Dataset entries:
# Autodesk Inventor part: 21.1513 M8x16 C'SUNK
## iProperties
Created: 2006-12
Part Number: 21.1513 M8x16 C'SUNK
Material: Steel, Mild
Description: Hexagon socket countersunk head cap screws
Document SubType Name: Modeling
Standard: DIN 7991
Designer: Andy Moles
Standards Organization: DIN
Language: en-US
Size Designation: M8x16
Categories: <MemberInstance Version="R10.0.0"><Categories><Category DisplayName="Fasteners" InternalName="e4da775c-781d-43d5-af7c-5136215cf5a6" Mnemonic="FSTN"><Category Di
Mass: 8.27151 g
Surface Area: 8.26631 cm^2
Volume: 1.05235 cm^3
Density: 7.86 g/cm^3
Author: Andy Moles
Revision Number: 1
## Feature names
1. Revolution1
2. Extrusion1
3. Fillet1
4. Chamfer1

▸ Description of the task: Word for word, set down all of the records above.

▸ Answer box:
# Autodesk Inventor part: 21.1513 M8x16 C'SUNK
## iProperties
Created: 2006-12
Part Number: 21.1513 M8x16 C'SUNK
Material: Steel, Mild
Description: Hexagon socket countersunk head cap screws
Document SubType Name: Modeling
Standard: DIN 7991
Designer: Andy Moles
Standards Organization: DIN
Language: en-US
Size Designation: M8x16
Categories: <MemberInstance Version="R10.0.0"><Categories><Category DisplayName="Fasteners" InternalName="e4da775c-781d-43d5-af7c-5136215cf5a6" Mnemonic="FSTN"><Category Di
Mass: 8.27151 g
Surface Area: 8.26631 cm^2
Volume: 1.05235 cm^3
Density: 7.86 g/cm^3
Author: Andy Moles
Revision Number: 1
## Feature names
1. Revolution1
2. Extrusion1
3. Fillet1
4. Chamfer1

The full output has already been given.